A l’instar de Ramatoulaye, nombre d’autres demandeurs d’emploi attendent d’être rappelés.  Avec sa maîtrise en génie civil, Laye Kaba, lui aussi attend depuis bientôt un an.

Mariama Djelo Sow a fini par mettre sa Licence en gestion de côté pour faire une formation en saponification (production artisanale de savon) le temps de trouver mieux. Diplômée depuis 2019, elle a déposé deux demandes d’emploi infructueuses. Partout on lui a dit que l’heure est plutôt à la compression, non au recrutement.

Des données nettement sous-évaluées

Selon l’Agence guinéenne pour la promotion de l’emploi (Aguipe), en 2019, il y a eu 8.011 demandeurs d’emploi inscrits sur son site contre 12.839 emplois créés que lui a signifié les entreprises (publiques et privées). La même année, la guinée présentait un taux de chômage de 4,8%. Toujours selon Aguipe, en 2020, elle a enregistré 7.679 demandeurs d’emploi et 11.201 emplois créés lui ont été signifiés par les entreprises.

La tranche d’âge la plus touchée par le chômage en Guinée en 2019 est celle 25 à 29 ans.
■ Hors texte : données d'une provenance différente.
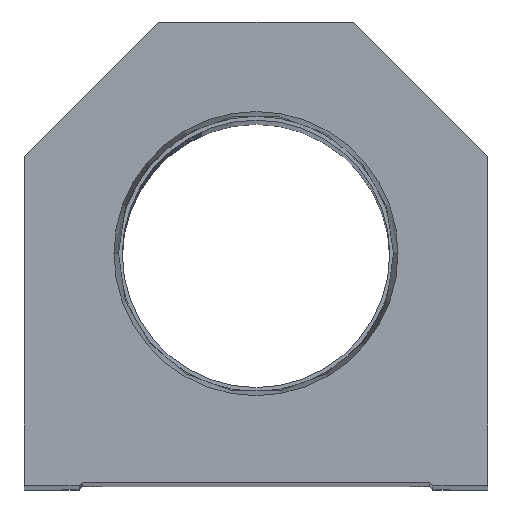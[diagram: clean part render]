
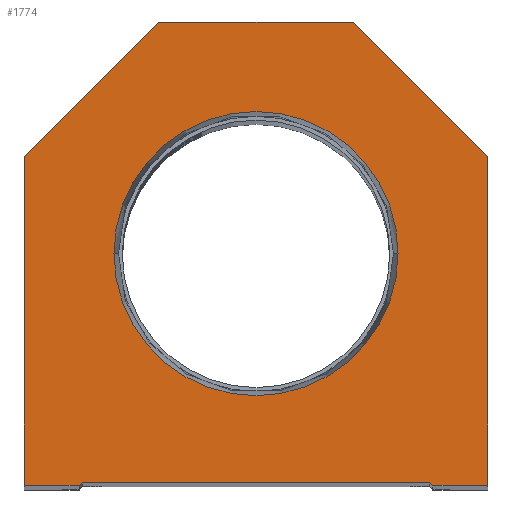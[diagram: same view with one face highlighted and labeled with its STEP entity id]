
A CAD part, top view. The second image highlights one B-rep face of the part: STEP entity #1774.
In plain terms, the highlighted planar face has unit normal (0, 0, 1).
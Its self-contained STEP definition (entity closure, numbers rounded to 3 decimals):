
#121 = DIRECTION ( 'NONE',  ( 1., 0., 0. ) ) ;
#156 = DIRECTION ( 'NONE',  ( 1., 0., 0. ) ) ;
#285 = CARTESIAN_POINT ( 'NONE',  ( -23.374, 38.1, 0. ) ) ;
#366 = DIRECTION ( 'NONE',  ( 0., 1., 0. ) ) ;
#782 = CARTESIAN_POINT ( 'NONE',  ( -28.6, 0.5, 0. ) ) ;
#1098 = VECTOR ( 'NONE', #13544, 1000. ) ;
#1238 = CARTESIAN_POINT ( 'NONE',  ( 28.6, 0., 0. ) ) ;
#1602 = EDGE_CURVE ( 'NONE', #13337, #17602, #10200, .T. ) ;
#1607 = LINE ( 'NONE', #7744, #7343 ) ;
#1647 = LINE ( 'NONE', #13978, #17271 ) ;
#1732 = ORIENTED_EDGE ( 'NONE', *, *, #13918, .T. ) ;
#1774 = ADVANCED_FACE ( 'NONE', ( #10043, #1963 ), #3640, .T. ) ;
#1938 = DIRECTION ( 'NONE',  ( -1., 0., 0. ) ) ;
#1963 = FACE_OUTER_BOUND ( 'NONE', #14652, .T. ) ;
#2047 = CARTESIAN_POINT ( 'NONE',  ( 0., 0., 0. ) ) ;
#2169 = ORIENTED_EDGE ( 'NONE', *, *, #1602, .F. ) ;
#2278 = ORIENTED_EDGE ( 'NONE', *, *, #2618, .T. ) ;
#2530 = ORIENTED_EDGE ( 'NONE', *, *, #11799, .T. ) ;
#2618 = EDGE_CURVE ( 'NONE', #18190, #8579, #3319, .T. ) ;
#2643 = EDGE_LOOP ( 'NONE', ( #14707, #2169 ) ) ;
#2766 = VERTEX_POINT ( 'NONE', #5576 ) ;
#3103 = VERTEX_POINT ( 'NONE', #15201 ) ;
#3168 = DIRECTION ( 'NONE',  ( 0., 0., 1. ) ) ;
#3319 = LINE ( 'NONE', #18524, #5697 ) ;
#3640 = PLANE ( 'NONE',  #18629 ) ;
#3870 = VERTEX_POINT ( 'NONE', #7488 ) ;
#3912 = ORIENTED_EDGE ( 'NONE', *, *, #10847, .T. ) ;
#4156 = ORIENTED_EDGE ( 'NONE', *, *, #18622, .T. ) ;
#4226 = ORIENTED_EDGE ( 'NONE', *, *, #9170, .T. ) ;
#4352 = AXIS2_PLACEMENT_3D ( 'NONE', #7928, #18687, #11066 ) ;
#4759 = VECTOR ( 'NONE', #19142, 1000. ) ;
#5097 = LINE ( 'NONE', #782, #11624 ) ;
#5170 = DIRECTION ( 'NONE',  ( 1., 0., 0. ) ) ;
#5205 = VECTOR ( 'NONE', #11117, 1000. ) ;
#5245 = CARTESIAN_POINT ( 'NONE',  ( -14.55, 14.55, 0. ) ) ;
#5576 = CARTESIAN_POINT ( 'NONE',  ( 29.1, 0., 0. ) ) ;
#5697 = VECTOR ( 'NONE', #1938, 1000. ) ;
#6150 = DIRECTION ( 'NONE',  ( 1., 0., 0. ) ) ;
#6229 = DIRECTION ( 'NONE',  ( -0.707, -0.707, 0. ) ) ;
#6251 = CARTESIAN_POINT ( 'NONE',  ( 38.1, 54.1, 0. ) ) ;
#6363 = LINE ( 'NONE', #12552, #6718 ) ;
#6694 = EDGE_CURVE ( 'NONE', #17602, #13337, #19299, .T. ) ;
#6718 = VECTOR ( 'NONE', #18733, 1000. ) ;
#6964 = CARTESIAN_POINT ( 'NONE',  ( 14.55, 14.55, 0. ) ) ;
#7343 = VECTOR ( 'NONE', #6229, 1000. ) ;
#7488 = CARTESIAN_POINT ( 'NONE',  ( 38.1, 0., 0. ) ) ;
#7556 = VERTEX_POINT ( 'NONE', #15333 ) ;
#7707 = ORIENTED_EDGE ( 'NONE', *, *, #19939, .T. ) ;
#7744 = CARTESIAN_POINT ( 'NONE',  ( -38.1, 54.1, 0. ) ) ;
#7928 = CARTESIAN_POINT ( 'NONE',  ( 0., 38.1, 0. ) ) ;
#8023 = LINE ( 'NONE', #14208, #10643 ) ;
#8044 = CARTESIAN_POINT ( 'NONE',  ( 23.374, 38.1, 0. ) ) ;
#8208 = CARTESIAN_POINT ( 'NONE',  ( -16., 76.2, 0. ) ) ;
#8579 = VERTEX_POINT ( 'NONE', #8208 ) ;
#8603 = VECTOR ( 'NONE', #6150, 1000. ) ;
#9170 = EDGE_CURVE ( 'NONE', #3870, #16480, #8023, .T. ) ;
#9927 = LINE ( 'NONE', #5245, #5205 ) ;
#10043 = FACE_BOUND ( 'NONE', #2643, .T. ) ;
#10108 = LINE ( 'NONE', #6964, #4759 ) ;
#10200 = CIRCLE ( 'NONE', #4352, 23.374 ) ;
#10643 = VECTOR ( 'NONE', #366, 1000. ) ;
#10847 = EDGE_CURVE ( 'NONE', #3103, #11020, #5097, .T. ) ;
#11020 = VERTEX_POINT ( 'NONE', #12887 ) ;
#11066 = DIRECTION ( 'NONE',  ( 1., 0., 0. ) ) ;
#11117 = DIRECTION ( 'NONE',  ( 0.707, 0.707, 0. ) ) ;
#11241 = CARTESIAN_POINT ( 'NONE',  ( -38.1, 0., 0. ) ) ;
#11624 = VECTOR ( 'NONE', #13110, 1000. ) ;
#11799 = EDGE_CURVE ( 'NONE', #7556, #3103, #9927, .T. ) ;
#12188 = ORIENTED_EDGE ( 'NONE', *, *, #14762, .T. ) ;
#12552 = CARTESIAN_POINT ( 'NONE',  ( -38.1, 0., 0. ) ) ;
#12887 = CARTESIAN_POINT ( 'NONE',  ( 28.6, 0.5, 0. ) ) ;
#13102 = ORIENTED_EDGE ( 'NONE', *, *, #18079, .T. ) ;
#13110 = DIRECTION ( 'NONE',  ( 1., 0., 0. ) ) ;
#13232 = CARTESIAN_POINT ( 'NONE',  ( -38.1, 54.1, 0. ) ) ;
#13337 = VERTEX_POINT ( 'NONE', #285 ) ;
#13339 = LINE ( 'NONE', #16358, #1098 ) ;
#13544 = DIRECTION ( 'NONE',  ( -0.707, 0.707, 0. ) ) ;
#13918 = EDGE_CURVE ( 'NONE', #15661, #7556, #1647, .T. ) ;
#13978 = CARTESIAN_POINT ( 'NONE',  ( -28.6, 0., 0. ) ) ;
#14208 = CARTESIAN_POINT ( 'NONE',  ( 38.1, 0., 0. ) ) ;
#14652 = EDGE_LOOP ( 'NONE', ( #1732, #2530, #3912, #19409, #13102, #4226, #12188, #2278, #4156, #7707 ) ) ;
#14707 = ORIENTED_EDGE ( 'NONE', *, *, #6694, .F. ) ;
#14762 = EDGE_CURVE ( 'NONE', #16480, #18190, #13339, .T. ) ;
#14963 = LINE ( 'NONE', #1238, #8603 ) ;
#15201 = CARTESIAN_POINT ( 'NONE',  ( -28.6, 0.5, 0. ) ) ;
#15333 = CARTESIAN_POINT ( 'NONE',  ( -29.1, 0., 0. ) ) ;
#15661 = VERTEX_POINT ( 'NONE', #11241 ) ;
#15952 = VERTEX_POINT ( 'NONE', #13232 ) ;
#16358 = CARTESIAN_POINT ( 'NONE',  ( 38.1, 54.1, 0. ) ) ;
#16480 = VERTEX_POINT ( 'NONE', #6251 ) ;
#17018 = AXIS2_PLACEMENT_3D ( 'NONE', #17058, #3168, #156 ) ;
#17058 = CARTESIAN_POINT ( 'NONE',  ( 0., 38.1, 0. ) ) ;
#17271 = VECTOR ( 'NONE', #121, 1000. ) ;
#17411 = CARTESIAN_POINT ( 'NONE',  ( 16., 76.2, 0. ) ) ;
#17544 = DIRECTION ( 'NONE',  ( 0., 0., 1. ) ) ;
#17602 = VERTEX_POINT ( 'NONE', #8044 ) ;
#18079 = EDGE_CURVE ( 'NONE', #2766, #3870, #14963, .T. ) ;
#18190 = VERTEX_POINT ( 'NONE', #17411 ) ;
#18524 = CARTESIAN_POINT ( 'NONE',  ( 16., 76.2, 0. ) ) ;
#18622 = EDGE_CURVE ( 'NONE', #8579, #15952, #1607, .T. ) ;
#18629 = AXIS2_PLACEMENT_3D ( 'NONE', #2047, #17544, #5170 ) ;
#18687 = DIRECTION ( 'NONE',  ( 0., 0., 1. ) ) ;
#18733 = DIRECTION ( 'NONE',  ( 0., -1., 0. ) ) ;
#19142 = DIRECTION ( 'NONE',  ( 0.707, -0.707, 0. ) ) ;
#19299 = CIRCLE ( 'NONE', #17018, 23.374 ) ;
#19409 = ORIENTED_EDGE ( 'NONE', *, *, #20014, .T. ) ;
#19939 = EDGE_CURVE ( 'NONE', #15952, #15661, #6363, .T. ) ;
#20014 = EDGE_CURVE ( 'NONE', #11020, #2766, #10108, .T. ) ;
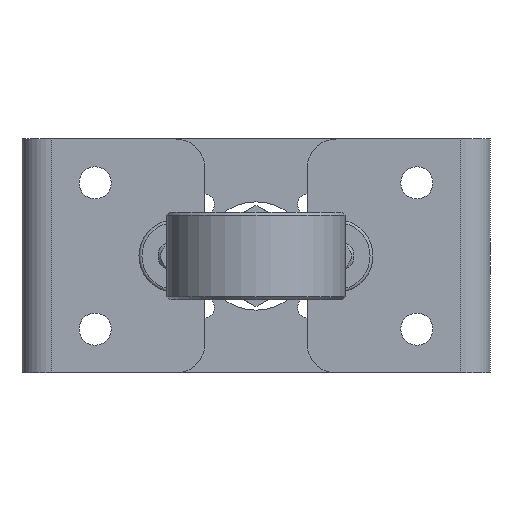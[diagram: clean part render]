
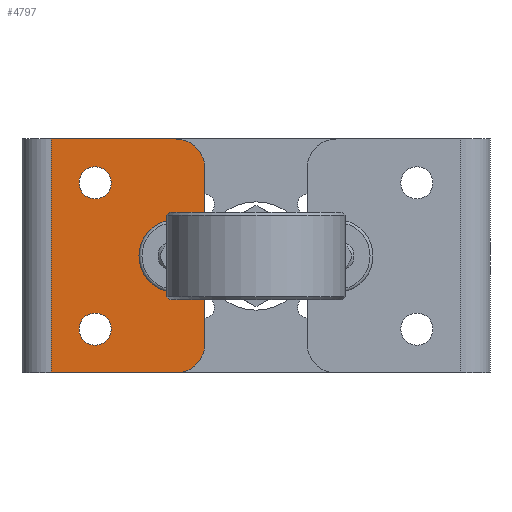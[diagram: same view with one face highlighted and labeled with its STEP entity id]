
A CAD part, front view. The second image highlights one B-rep face of the part: STEP entity #4797.
In plain terms, the highlighted planar face has unit normal (0, -1, 0).
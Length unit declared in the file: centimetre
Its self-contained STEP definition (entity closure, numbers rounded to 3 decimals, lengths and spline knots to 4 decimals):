
#482=FACE_BOUND('',#1104,.T.);
#483=FACE_BOUND('',#1105,.T.);
#776=FACE_OUTER_BOUND('',#1103,.T.);
#1103=EDGE_LOOP('',(#3642,#3643,#3644,#3645,#3646,#3647,#3648,#3649,#3650,
#3651));
#1104=EDGE_LOOP('',(#3652));
#1105=EDGE_LOOP('',(#3653));
#1502=CIRCLE('',#5161,0.55);
#1505=CIRCLE('',#5166,0.55);
#1522=CIRCLE('',#5193,1.);
#1523=CIRCLE('',#5196,1.);
#1524=CIRCLE('',#5197,1.25);
#1710=LINE('',#7203,#2010);
#1712=LINE('',#7207,#2012);
#1714=LINE('',#7211,#2014);
#1715=LINE('',#7213,#2015);
#1716=LINE('',#7215,#2016);
#1717=LINE('',#7217,#2017);
#1718=LINE('',#7220,#2018);
#2010=VECTOR('',#5933,1.75);
#2012=VECTOR('',#5935,1.75);
#2014=VECTOR('',#5939,1.);
#2015=VECTOR('',#5940,4.25);
#2016=VECTOR('',#5941,8.);
#2017=VECTOR('',#5942,4.25);
#2018=VECTOR('',#5945,1.);
#2346=VERTEX_POINT('',#7127);
#2349=VERTEX_POINT('',#7135);
#2373=VERTEX_POINT('',#7196);
#2374=VERTEX_POINT('',#7197);
#2375=VERTEX_POINT('',#7202);
#2376=VERTEX_POINT('',#7204);
#2377=VERTEX_POINT('',#7206);
#2378=VERTEX_POINT('',#7210);
#2379=VERTEX_POINT('',#7212);
#2380=VERTEX_POINT('',#7214);
#2381=VERTEX_POINT('',#7216);
#2382=VERTEX_POINT('',#7219);
#2842=EDGE_CURVE('',#2346,#2346,#1502,.T.);
#2845=EDGE_CURVE('',#2349,#2349,#1505,.T.);
#2872=EDGE_CURVE('',#2373,#2374,#1522,.T.);
#2875=EDGE_CURVE('',#2375,#2374,#1710,.T.);
#2877=EDGE_CURVE('',#2377,#2376,#1712,.T.);
#2879=EDGE_CURVE('',#2378,#2375,#1714,.T.);
#2880=EDGE_CURVE('',#2373,#2379,#1715,.T.);
#2881=EDGE_CURVE('',#2380,#2379,#1716,.T.);
#2882=EDGE_CURVE('',#2380,#2381,#1717,.T.);
#2883=EDGE_CURVE('',#2377,#2381,#1523,.T.);
#2884=EDGE_CURVE('',#2376,#2382,#1718,.T.);
#2885=EDGE_CURVE('',#2378,#2382,#1524,.T.);
#3642=ORIENTED_EDGE('',*,*,#2879,.T.);
#3643=ORIENTED_EDGE('',*,*,#2875,.T.);
#3644=ORIENTED_EDGE('',*,*,#2872,.F.);
#3645=ORIENTED_EDGE('',*,*,#2880,.T.);
#3646=ORIENTED_EDGE('',*,*,#2881,.F.);
#3647=ORIENTED_EDGE('',*,*,#2882,.T.);
#3648=ORIENTED_EDGE('',*,*,#2883,.F.);
#3649=ORIENTED_EDGE('',*,*,#2877,.T.);
#3650=ORIENTED_EDGE('',*,*,#2884,.T.);
#3651=ORIENTED_EDGE('',*,*,#2885,.F.);
#3652=ORIENTED_EDGE('',*,*,#2842,.T.);
#3653=ORIENTED_EDGE('',*,*,#2845,.T.);
#4614=PLANE('',#5195);
#4797=ADVANCED_FACE('',(#776,#482,#483),#4614,.T.);
#5161=AXIS2_PLACEMENT_3D('',#7128,#5853,#5854);
#5166=AXIS2_PLACEMENT_3D('',#7136,#5863,#5864);
#5193=AXIS2_PLACEMENT_3D('',#7198,#5927,#5928);
#5195=AXIS2_PLACEMENT_3D('',#7209,#5937,#5938);
#5196=AXIS2_PLACEMENT_3D('',#7218,#5943,#5944);
#5197=AXIS2_PLACEMENT_3D('',#7221,#5946,#5947);
#5853=DIRECTION('center_axis',(0.,1.,0.));
#5854=DIRECTION('ref_axis',(-1.,0.,0.));
#5863=DIRECTION('center_axis',(0.,1.,0.));
#5864=DIRECTION('ref_axis',(-1.,0.,0.));
#5927=DIRECTION('center_axis',(0.,1.,0.));
#5928=DIRECTION('ref_axis',(0.707,0.,0.707));
#5933=DIRECTION('',(0.,0.,1.));
#5935=DIRECTION('',(0.,0.,1.));
#5937=DIRECTION('center_axis',(0.,-1.,0.));
#5938=DIRECTION('ref_axis',(1.,0.,0.));
#5939=DIRECTION('',(1.,0.,0.));
#5940=DIRECTION('',(-1.,0.,0.));
#5941=DIRECTION('',(0.,0.,1.));
#5942=DIRECTION('',(1.,0.,0.));
#5943=DIRECTION('center_axis',(0.,1.,0.));
#5944=DIRECTION('ref_axis',(0.707,0.,-0.707));
#5945=DIRECTION('',(-1.,0.,0.));
#5946=DIRECTION('center_axis',(0.,-1.,0.));
#5947=DIRECTION('ref_axis',(-0.707,0.,0.707));
#7127=CARTESIAN_POINT('',(-4.95,9.25,-1.));
#7128=CARTESIAN_POINT('Origin',(-5.5,9.25,-1.));
#7135=CARTESIAN_POINT('',(-4.95,9.25,4.));
#7136=CARTESIAN_POINT('Origin',(-5.5,9.25,4.));
#7196=CARTESIAN_POINT('',(-2.75,9.25,5.5));
#7197=CARTESIAN_POINT('',(-1.75,9.25,4.5));
#7198=CARTESIAN_POINT('Origin',(-2.75,9.25,4.5));
#7202=CARTESIAN_POINT('',(-1.75,9.25,2.75));
#7203=CARTESIAN_POINT('',(-1.75,9.25,-0.7703));
#7204=CARTESIAN_POINT('',(-1.75,9.25,0.25));
#7206=CARTESIAN_POINT('',(-1.75,9.25,-1.5));
#7207=CARTESIAN_POINT('',(-1.75,9.25,-0.7703));
#7209=CARTESIAN_POINT('Origin',(0.,9.25,1.5));
#7210=CARTESIAN_POINT('',(-2.75,9.25,2.75));
#7211=CARTESIAN_POINT('',(4.,9.25,2.75));
#7212=CARTESIAN_POINT('',(-7.,9.25,5.5));
#7213=CARTESIAN_POINT('',(-8.,9.25,5.5));
#7214=CARTESIAN_POINT('',(-7.,9.25,-2.5));
#7215=CARTESIAN_POINT('',(-7.,9.25,3.5));
#7216=CARTESIAN_POINT('',(-2.75,9.25,-2.5));
#7217=CARTESIAN_POINT('',(8.,9.25,-2.5));
#7218=CARTESIAN_POINT('Origin',(-2.75,9.25,-1.5));
#7219=CARTESIAN_POINT('',(-2.75,9.25,0.25));
#7220=CARTESIAN_POINT('',(4.,9.25,0.25));
#7221=CARTESIAN_POINT('Origin',(-2.75,9.25,1.5));

La même année, le secteur tertiaire a créé plus d’emplois que les autres (45,2%), suivi du secteur primaire 40,5%.

Selon le recensement de 2014, seuls 5,2% de la population active serait au chômage, selon l’institut national des statistiques. En revanche, selon le document « profil migratoire national 2020 » de l’Organisation des nations-Unies pour les migrations, une enquête de 2012 réalisée auprès de populations urbaines uniquement, le taux de chômage des jeunes (15-35 ans) atteint 20%.

Les différentes institutions utilisent des méthodes et des critères différents pour déterminer le taux de chômage.

Sosso Feindouno, économiste du développement et chercheur à la FERDI (un think tank français), consultant à la Banque mondiale dit prendre ces deux chiffres (5,2% et 20%) avec les pincettes.

Selon lui, la Banque mondiale qui reprend les estimations de l’OIT, Organisation internationale du travail, en 2020, fixe le taux de chômage en Guinée à 4,35% contre 4,14 % en 2019. « C’est incompréhensible quand on connaît l’ampleur du chômage en Guinée », s‘étonne l’économiste.